You know that feeling you get when you are watching Jeopardy and the answer is so obvious, but the contestant just doesn’t get it? You scream, “Come on!” at the TV. “Everyone knows George Clooney played Dr. Doug Ross on ER!” The contestant gets it wrong, your remote goes flying, and the night ends on a low note. It’s the same feeling I get lately as everyone involved in the fiscal cliff talks continues to focus on the presumed problem–taxes. But the answer couldn’t be more obvious–spending.

Some are starting to grow wise to the tax hike diversion and are sounding the alarm. According to Sen. Tom Coburn, an outspoken leader for sound fiscal policy, Obama’s plan would only affect 7 percent of the deficit.

All this talk for seven percent?

International Monetary Fund Managing Director Christine Lagarde told CNN “an agreement that would only extend tax cuts for the middle class without addressing spending or entitlements would be insufficient to reassure the rest of the world.”

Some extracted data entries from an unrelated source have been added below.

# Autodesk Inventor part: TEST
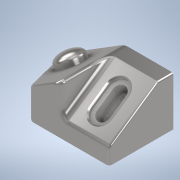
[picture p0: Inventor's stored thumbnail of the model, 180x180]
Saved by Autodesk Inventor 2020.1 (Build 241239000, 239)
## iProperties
Created: 2019-11
Part Number: TEST
Material: Stainless Steel, 440C
Document SubType Name: Modeling
Designer: Synergysoft Dell02
Density: 7.75 g/cm^3
Appearance: Semi-Polished
Author: Synergysoft Dell02
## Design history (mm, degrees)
sketch "Sketch1"
  geometry: L1 (0, 0)-(-62, 0); L2 (-62, 0)-(-62, -50); L3 (-62, -50)-(18, -50); L4 (18, -50)-(18, -38); L5 (18, -38)-(0, 0)
  constraints: 10 end point, 3 perpendicular, 1 horizontal
  dimensions: "d0" = 62 distance of L1.start L1.end; "d1" = 50 distance of L1.end L2.end; "d2" = 80 distance of L2.end L3.end; "d3" = 12 distance of L3.end L4.end
extrude "Extrusion1" new body sketch "Sketch1" distance "d4" = 38; taper "d5" = 0 deg
workplane "Work Plane3"
workplane "Work Plane4"
workaxis "Work Axis1"
feature "Sculpt1"
  workplane "Work Plane6"
workplane "Work Plane7"
  workaxis "Work Axis4"
sketch "Sketch4"
  geometry: L1 (-50, 0)-(-50, 49.396) reference; L2 (-50, 49.396)-(-38, 49.396) reference; L3 (-38, 49.396)-(0, 28.226) reference; L4 (0, 28.226)-(0, 0) reference; L5 (0, 0)-(-38, 0) reference; L6 (-38, 0)-(-50, 0) reference; L7 (-50, 0)-(-50, 49.396) reference; L8 (0, 28.226)-(0, 0) reference; L9 (0, 0)-(-38, 0) reference; L10 (-38, 0)-(-50, 0) reference; L11 (-50, 49.396)-(-38, 49.396) reference; L12 (-38, 49.396)-(0, 28.226) reference; 1 further point
extrude "Extrusion4" cut sketch "Sketch4" extent not by distance; stored distance "d16" = 14.696; taper "d17" = 0 deg
sketch "Sketch5"
  geometry: L1 (19, 30.522)-(19, 15.522); L2 (14, 30.522)-(14, 15.522); L3 (24, 15.522)-(24, 30.522); L4 (38, 46.043)-(0, 46.043) reference; L5 (38, 0)-(38, 46.043) reference; L6 (11, 30.522)-(11, 15.522); L7 (27, 15.522)-(27, 30.522); A1 r 5 centre (19, 30.522) between (24, 30.522) and (14, 30.522); A2 r 5 centre (19, 15.522) between (14, 15.522) and (24, 15.522); A3 r 8 centre (19, 15.522) between (11, 15.522) and (27, 15.522); A4 r 8 centre (19, 30.522) between (27, 30.522) and (11, 30.522); 4 further points
  constraints: 12 end point, 8 point on circle, 4 centre point, 4 tangent, 3 midpoint, 2 parallel, 1 horizontal alignment, 1 vertical, 1 vertical alignment, 3 other
  dimensions: "d23" = 15 distance of L1.start L1.end; "d24" = 5 radius of A1; "d25" = 3 radial gap between concentric circles of A1 A4
extrude "Extrusion5" cut sketch "Sketch5" distance "d26" = 10; taper "d27" = 0 deg
extrude "Extrusion6" cut sketch "Sketch5" distance "d28" = 3; taper "d29" = 0 deg
fillet "Fillet1" dims "d18" = 5
fillet "Fillet2" dims "d19" = 5
fillet "Fillet3" dims "d20" = 10
fillet "Fillet4" dims "d21" = 2
fillet "Fillet5" dims "d22" = 2
chamfer "Chamfer1" distance "d30" = 1; stored, may be unused: second distance "d31" = 2, angle "d32" = 45 deg
sketch "Sketch6"
  geometry: A1 r 5 centre (19, 30.522) between (24, 30.522) and (14, 30.522) reference; A2 r 5 centre (19, 15.522) between (14, 15.522) and (24, 15.522) reference; 3 further points
  constraints: 2 coincident
hole "Hole1" sketch "Sketch6" at (19, 30.522), (19, 15.522) diameter "d33" = 3; stored, may be unused: countersink angle "d37" = 90 deg, drill point angle "d39" = 118 deg; dims "d34" = 6, "d35" = 5, "d36" = 2, "d38" = 8
sketch "Sketch7"
  geometry: L1 (-48.282, 50)-(-2.845, 50) reference; L2 (-49.983, 50)-(-49.983, 39.124) reference; C1 r 10 at (-24.983, 30); 1 further point
  constraints: 1 centre point
  dimensions: "d40" = 20 diameter of C1; "d41" = 20 distance from line of C1.centre L1; "d42" = 25 distance from line of C1.centre L2
extrude "Extrusion7" join sketch "Sketch7" distance "d43" = 3; taper "d44" = 0 deg
workplane "Work Plane8"
sketch "Sketch8"
  geometry: C1 r 10 at (0, 0) reference; 1 further point
loft "Loft1" sketch "Sketch8" dims "d46" = 10, "d47" = 90 deg, "d48" = 10, "d49" = 90 deg
  node "Edges1"
workplane "Work Plane1"
sketch "Sketch2"
  geometry: L1 (0, 12)-(38, 38); L2 (38, 38)-(0, 38) reference; L3 (38, 38)-(38, 45.681); L4 (38, 45.681)-(-14.226, 45.681); L5 (-14.226, 45.681)-(-14.226, 12); L6 (-14.226, 12)-(0, 12); L7 (50, 0)-(50, 38) reference; 1 further point
  constraints: 10 end point, 3 perpendicular, 1 point on line, 1 vertical
  dimensions: "d7" = 12 distance of point (0, 0) L1.start; "d8" = 12 distance from line of L7 L1.end
extrude "Extrusion2" cut sketch "Sketch2" extent not by distance; stored distance "d9" = 38; taper "d10" = 0 deg
workpoint "Work Point1"
workplane "Work Plane2"
sketch "Sketch3"
  geometry: L1 (0, 0)-(11.837, 64.745) reference; L2 (44.944, 0)-(0, 0) reference; 1 further point; 1 other entity
  constraints: 1 other
extrude "Extrusion3" cut sketch "Sketch3" extent not by distance; stored distance "d11" = 39.85; taper "d12" = 0 deg
body "Solid1"
workplane "Work Plane5"
workaxis "Work Axis2"
workaxis "Work Axis3"
node "Projected Loop1"
node "Project Cut Edges1"
node "Project Cut Edges2"
node "Project Cut Edges3"
other parameters: "d6" = -38, "d13" = -38, "d14" = -12, "d15" = -12, "d45" = 5

Still, the negotiations have hit the proverbial tax debate brick wall. With the way the debate goes back and forth over raising taxes, you would think Washington believes the deficit can be wiped out with one quickraise (or lack thereof) of the magic tax wand.

In Washington the president’s plan to return to the top marginal rates of the Clinton era is being treated by some like a fun throwback to the plaid-wearing, “Friends”-watching prosperity of the 90s. It isn’t that simple.

The doctor wouldn’t prescribe you Pepto-Bismol to treat a heart attack. And raising taxes won’t reduce the deficit enough to matter. Spending is the driver of the debt, and overspending cannot be ignored, kicked down the road or handed off like bad vegetables to the dog under the table.

If the negations continue with taxes as the main point of contention, our day of reckoning will still be waiting on some yet-to-be-determined date, and the fiscal woes we face will persist.

I love the 90s as much as the next guy, but it’s time Washington got real and admitted the debt, deficit and spending have all gotten out of hand. The 90s-era tax rates won’t fix 2012’s spending problems—only cuts will.